**WHAT NEEDS TO BE DONE**
The answer must be an exact copy of the lines from the top of the listing below through the line with "10 diameter of C1", with no pictures.
%%
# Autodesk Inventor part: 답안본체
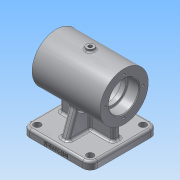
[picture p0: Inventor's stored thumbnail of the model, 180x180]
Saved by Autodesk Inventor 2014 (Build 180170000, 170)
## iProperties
Created: 2019-06
Part Number: 답안본체
Material: 알루미늄 6061
Document SubType Name: Modeling
Designer: NET
Density: 2.71 g/cm^3
Appearance: 알루미늄 - 평지
Mass: 612.698 g
Surface Area: 622.652 cm^2
Volume: 226.088 cm^3
Author: NET
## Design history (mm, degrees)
sketch "스케치1"
  geometry: L1 (45, 0)-(-45, 0); L2 (45, 0)-(45, 32); L3 (45, 32)-(-45, 32); L4 (-45, 32)-(-45, 0); L5 (45, 20)-(30.6, 20); L6 (30, 19.4)-(30, 17); L7 (30, 17)-(24, 17); L8 (24, 17)-(24, 22); L9 (21, 25)-(-21, 25); L10 (-24, 22)-(-24, 17); L11 (-24, 17)-(-30, 17); L12 (-30, 17)-(-30, 19.4); L13 (-30.6, 20)-(-45, 20); A1 r 0.6 centre (30.6, 19.4) between (30.6, 20) and (30, 19.4); A2 r 0.6 centre (-30.6, 19.4) between (-30, 19.4) and (-30.6, 20); A3 r 3 centre (21, 22) between (24, 22) and (21, 25); A4 r 3 centre (-21, 22) between (-21, 25) and (-24, 22); 5 further points
  constraints: 26 end point, 8 point on circle, 8 point on line, 8 tangent, 7 parallel, 5 perpendicular, 4 centre point, 2 equal radius, 1 coincident, 1 horizontal, 1 midpoint
  dimensions: "d0" = 90 distance of L1.start L1.end; "d1" = 64 diameter of L3 L1; "d2" = 48 distance of point (24, 25) point (-24, 25); "d3" = 50 diameter of L9 L1; "d4" = 15 distance of L5.start point (30, 20); "d5" = 40 diameter of L5 L1; "d6" = 34 diameter of L7 L1; "d7" = 6 distance of L6.end L7.end; "d8" = 6 distance of L10.end L11.end; "d9" = 34 diameter of L11 L1; "d10" = 40 diameter of L13 L1; "d11" = 0.6 radius of A1; "d12" = 3 radius of A3
revolve "회전1" sketch "스케치1" stored, may be unused: angle "d13" = 90 deg
chamfer "모따기1" distance "d14" = 1; stored, may be unused: second distance "d15" = 2, angle "d16" = 45 deg
node "작업 평면1"
sketch "스케치2"
  geometry: C1 r 5 at (0, 0); 1 further point
  constraints: 1 centre point, 1 coincident
  dimensions: "d18" = 10 diameter of C1
extrude "돌출1" join sketch "스케치2" stored distance "d19" = 10; taper "d20" = 0 deg
sketch "스케치3"
  geometry: C1 r 5 at (0, 0) reference; 1 further point
  constraints: 1 coincident
hole "구멍1" sketch "스케치3" at (0, 0) diameter "d21" = 4.917; stored, may be unused: countersink angle "d25" = 90 deg, drill point angle "d27" = 118 deg; dims "d22" = 6, "d23" = 4, "d24" = 2, "d26" = 20
fillet "모깎기1" dims "d28" = 2
node "작업 평면2"
sketch "스케치4"
  geometry: L1 (-45, -45)-(45, -45); L2 (45, -45)-(45, 45); L3 (45, 45)-(-45, 45); L4 (-45, 45)-(-45, -45); L5 (-45, -45)-(45, 45); L6 (45, -45)-(-45, 45); 1 further point
  constraints: 12 end point, 2 midpoint, 2 parallel, 1 horizontal, 1 perpendicular
  dimensions: "d30" = 90 distance of L2.end L3.end; "d31" = 90 distance of L1.end L2.end
extrude "돌출2" join sketch "스케치4" distance "d32" = 10; taper "d33" = 0 deg
fillet "모깎기2" dims "d34" = 10
fillet "모깎기3" dims "d35" = 3
sketch "스케치5"
  geometry: L1 (-35, -5)-(35, -5); L2 (35, -5)-(35, 5); L3 (35, 5)-(-35, 5); L4 (-35, 5)-(-35, -5); L5 (-35, -5)-(35, 5); L6 (35, -5)-(-35, 5); 1 further point
  constraints: 12 end point, 2 midpoint, 2 parallel, 1 horizontal, 1 perpendicular
  dimensions: "d36" = 10 distance between parallel lines of L3 L1; "d37" = 70 distance of L1.start L1.end
extrude "돌출3" join sketch "스케치5" stored distance "d38" = 10; taper "d39" = 0 deg
sketch "스케치6"
  geometry: L1 (45, -58)-(45, -65) reference; L2 (45, -65)-(-45, -65) reference; L3 (-45, -65)-(-45, -58) reference; L4 (-42, -55)-(-5, -55) reference; L5 (-5, -55)-(-5, -31.607) reference; L6 (-5, 33.272)-(-5, 35) reference; L7 (-5, 35)-(-2.458, 35) reference; L8 (-2.458, 35)-(-2.458, 24.879) reference; L9 (2.458, 24.879)-(2.458, 35) reference; L10 (2.458, 35)-(5, 35) reference; L11 (5, 35)-(5, 33.272) reference; L12 (5, -31.607)-(5, -55) reference; L13 (5, -55)-(42, -55) reference; L14 (-35, -55)-(-23.058, -22.189); A1 r 3 centre (42, -58) between (45, -58) and (42, -55) reference; A2 r 3 centre (-42, -58) between (-42, -55) and (-45, -58) reference; A3 r 32 centre (0, 0) between (-6.588, 31.314) and (-5, -31.607) reference; A4 r 25 centre (0, 0) between (-2.458, 24.879) and (2.458, 24.879) reference; A5 r 32 centre (0, 0) between (5, -31.607) and (6.588, 31.314) reference; 1 further point
  constraints: 2 end point, 1 point on circle, 1 point on line, 2 other
  dimensions: "d41" = 110 deg angle of L4 L14; "d42" = 10 distance from line of L14.start L3
feature "리브1" sketch "스케치6" dims "d43" = 1, "d44" = 10, "d45" = 0, "d46" = 0, "d47" = 1, "d48" = 1
fillet "모깎기4" dims "d49" = 3
fillet "모깎기5" dims "d50" = 3
fillet "모깎기6" dims "d51" = 3
fillet "모깎기7" dims "d52" = 3
fillet "모깎기8" dims "d53" = 3
fillet "모깎기9" dims "d54" = 3
fillet "모깎기10" dims "d55" = 3
fillet "모깎기11" dims "d56" = 3
fillet "모깎기12" dims "d57" = 3
sketch "스케치7"
  geometry: C1 r 4.5 at (-35, 35); C2 r 4.5 at (-35, -35); A1 r 7 centre (-35, 35) between (-35, 42) and (-42, 35) reference; A2 r 7 centre (-35, -35) between (-42, -35) and (-35, -42) reference; 1 further point
  constraints: 2 centre point, 2 coincident
  dimensions: "d58" = 9 diameter of C1; "d59" = 9 diameter of C2
extrude "돌출4" cut sketch "스케치7" distance "d60" = 35; taper "d61" = 0 deg
sketch "스케치8"
  geometry: C1 r 32 at (0, 0) reference; 1 further point
  constraints: 1 horizontal alignment
  dimensions: "d63" = 25 distance of C1.centre point (-25, 0)
hole "구멍2" sketch "스케치8" at (-25, 0) diameter "d64" = 3.242; stored, may be unused: countersink angle "d68" = 90 deg, drill point angle "d70" = 118 deg; dims "d65" = 7, "d66" = 4, "d67" = 2, "d69" = 9
sketch "스케치9"
  geometry: L1 (0, 0)-(70, 0) reference; L2 (-10, 7)-(-10, 0) reference; 2 further points
  constraints: 1 other
  dimensions: "d74" = 4 distance from line of point (35, 4) L1; "d75" = 45 distance from line of point (35, 4) L2
feature "엠보싱1" sketch "스케치9" dims "d0" = 90, "d1" = 64, "d2" = 48, "d3" = 50, "d4" = 15, "d5" = 40, "d6" = 34, "d7" = 6, "d8" = 6, "d9" = 34, "d10" = 40, "d11" = 0.6, "d12" = 3, "d76" = 0.5, "d77" = 0
sketch "스케치10" dims "d80" = 20
  geometry: L1 (35, -45)-(-35, -45) reference; L2 (45, 35)-(45, -35) reference; L3 (-22, -40)-(22, -40); L4 (40, -22)-(40, 22); L5 (-40, 22)-(-40, -22); L6 (-40, -40)-(40, 40); L7 (40, -40)-(-40, 40); L8 (-25, -37)-(-25, -35); L9 (-37, -25)-(-35, -25); L10 (-37, 25)-(-35, 25); L11 (-25, 35)-(-25, 37); L12 (22, 40)-(-22, 40); L13 (-26.34, 40)-(-40, 40); L14 (25, 37)-(25, 35); L15 (35, 25)-(37, 25); L16 (25, -37)-(25, -35); L17 (35, -25)-(37, -25); C1 r 10 at (35, 35); C2 r 10 at (-35, -35); C3 r 10 at (35, -35); A1 r 10 centre (35, -35) between (35, -45) and (45, -35) reference; A2 r 10 centre (35, 35) between (45, 35) and (35, 45) reference; A3 r 10 centre (-35, 35) between (-35, 45) and (-45, 35) reference; A4 r 10 centre (-35, -35) between (-45, -35) and (-35, -45) reference; A5 r 10 centre (-35, 35) between (-35, 25) and (-25, 35); A6 r 10 centre (35, 35) between (25, 35) and (35, 25); A7 r 10 centre (35, -35) between (35, -25) and (25, -35); A8 r 10 centre (-35, -35) between (-25, -35) and (-35, -25); A9 r 3 centre (-37, -22) between (-40, -22) and (-37, -25); A10 r 3 centre (-22, -37) between (-25, -37) and (-22, -40); A11 r 3 centre (37, 22) between (40, 22) and (37, 25); A12 r 3 centre (22, 37) between (25, 37) and (22, 40); A13 r 3 centre (-37, 22) between (-37, 25) and (-40, 22); A14 r 3 centre (-22, 37) between (-22, 40) and (-25, 37); A15 r 3 centre (37, -22) between (37, -25) and (40, -22); A16 r 3 centre (22, -37) between (22, -40) and (25, -37); 3 further points
  constraints: 30 end point, 30 tangent, 24 point on circle, 15 centre point, 8 perpendicular, 5 parallel, 5 point on line, 4 coincident, 3 equal radius, 2 horizontal, 2 midpoint, 1 vertical, 3 other
  dimensions: "d78" = 80 distance of L6.end L7.end; "d79" = 80 distance of L7.start L6.end; "d81" = 20 diameter of C1; "d82" = 20 diameter of C2; "d83" = 20 diameter of C3; "d85" = 10 radius of A5; "d86" = 3 radius of A9; "d87" = 3 radius of A10; "d88" = 3 radius of A11; "d89" = 3 radius of A12; "d90" = 3 radius of A13; "d91" = 3 radius of A14; "d92" = 3 radius of A15; "d93" = 3 radius of A16; "d94" = 5 distance between parallel lines of L2 L4; "d95" = 85 distance between parallel lines of L2 L5; "d96" = 85 distance between parallel lines of L1 L12; "d97" = 85 distance from line of L6.start L2
extrude "돌출5" cut sketch "스케치10" distance "d98" = 5; taper "d99" = 0 deg
node "솔리드1"
mirror "대칭1"
mirror "대칭2"
pattern_circular "원형 패턴1" dims angle "d72" = 360 deg
mirror "대칭3"
node "절단 모서리 투영1"
other parameters: "d17" = 35, "d29" = -65
%%
**EXPECTED ANSWER**
# Autodesk Inventor part: 답안본체
[picture p0: Inventor's stored thumbnail of the model, 180x180]
Saved by Autodesk Inventor 2014 (Build 180170000, 170)
## iProperties
Created: 2019-06
Part Number: 답안본체
Material: 알루미늄 6061
Document SubType Name: Modeling
Designer: NET
Density: 2.71 g/cm^3
Appearance: 알루미늄 - 평지
Mass: 612.698 g
Surface Area: 622.652 cm^2
Volume: 226.088 cm^3
Author: NET
## Design history (mm, degrees)
sketch "스케치1"
  geometry: L1 (45, 0)-(-45, 0); L2 (45, 0)-(45, 32); L3 (45, 32)-(-45, 32); L4 (-45, 32)-(-45, 0); L5 (45, 20)-(30.6, 20); L6 (30, 19.4)-(30, 17); L7 (30, 17)-(24, 17); L8 (24, 17)-(24, 22); L9 (21, 25)-(-21, 25); L10 (-24, 22)-(-24, 17); L11 (-24, 17)-(-30, 17); L12 (-30, 17)-(-30, 19.4); L13 (-30.6, 20)-(-45, 20); A1 r 0.6 centre (30.6, 19.4) between (30.6, 20) and (30, 19.4); A2 r 0.6 centre (-30.6, 19.4) between (-30, 19.4) and (-30.6, 20); A3 r 3 centre (21, 22) between (24, 22) and (21, 25); A4 r 3 centre (-21, 22) between (-21, 25) and (-24, 22); 5 further points
  constraints: 26 end point, 8 point on circle, 8 point on line, 8 tangent, 7 parallel, 5 perpendicular, 4 centre point, 2 equal radius, 1 coincident, 1 horizontal, 1 midpoint
  dimensions: "d0" = 90 distance of L1.start L1.end; "d1" = 64 diameter of L3 L1; "d2" = 48 distance of point (24, 25) point (-24, 25); "d3" = 50 diameter of L9 L1; "d4" = 15 distance of L5.start point (30, 20); "d5" = 40 diameter of L5 L1; "d6" = 34 diameter of L7 L1; "d7" = 6 distance of L6.end L7.end; "d8" = 6 distance of L10.end L11.end; "d9" = 34 diameter of L11 L1; "d10" = 40 diameter of L13 L1; "d11" = 0.6 radius of A1; "d12" = 3 radius of A3
revolve "회전1" sketch "스케치1" stored, may be unused: angle "d13" = 90 deg
chamfer "모따기1" distance "d14" = 1; stored, may be unused: second distance "d15" = 2, angle "d16" = 45 deg
node "작업 평면1"
sketch "스케치2"
  geometry: C1 r 5 at (0, 0); 1 further point
  constraints: 1 centre point, 1 coincident
  dimensions: "d18" = 10 diameter of C1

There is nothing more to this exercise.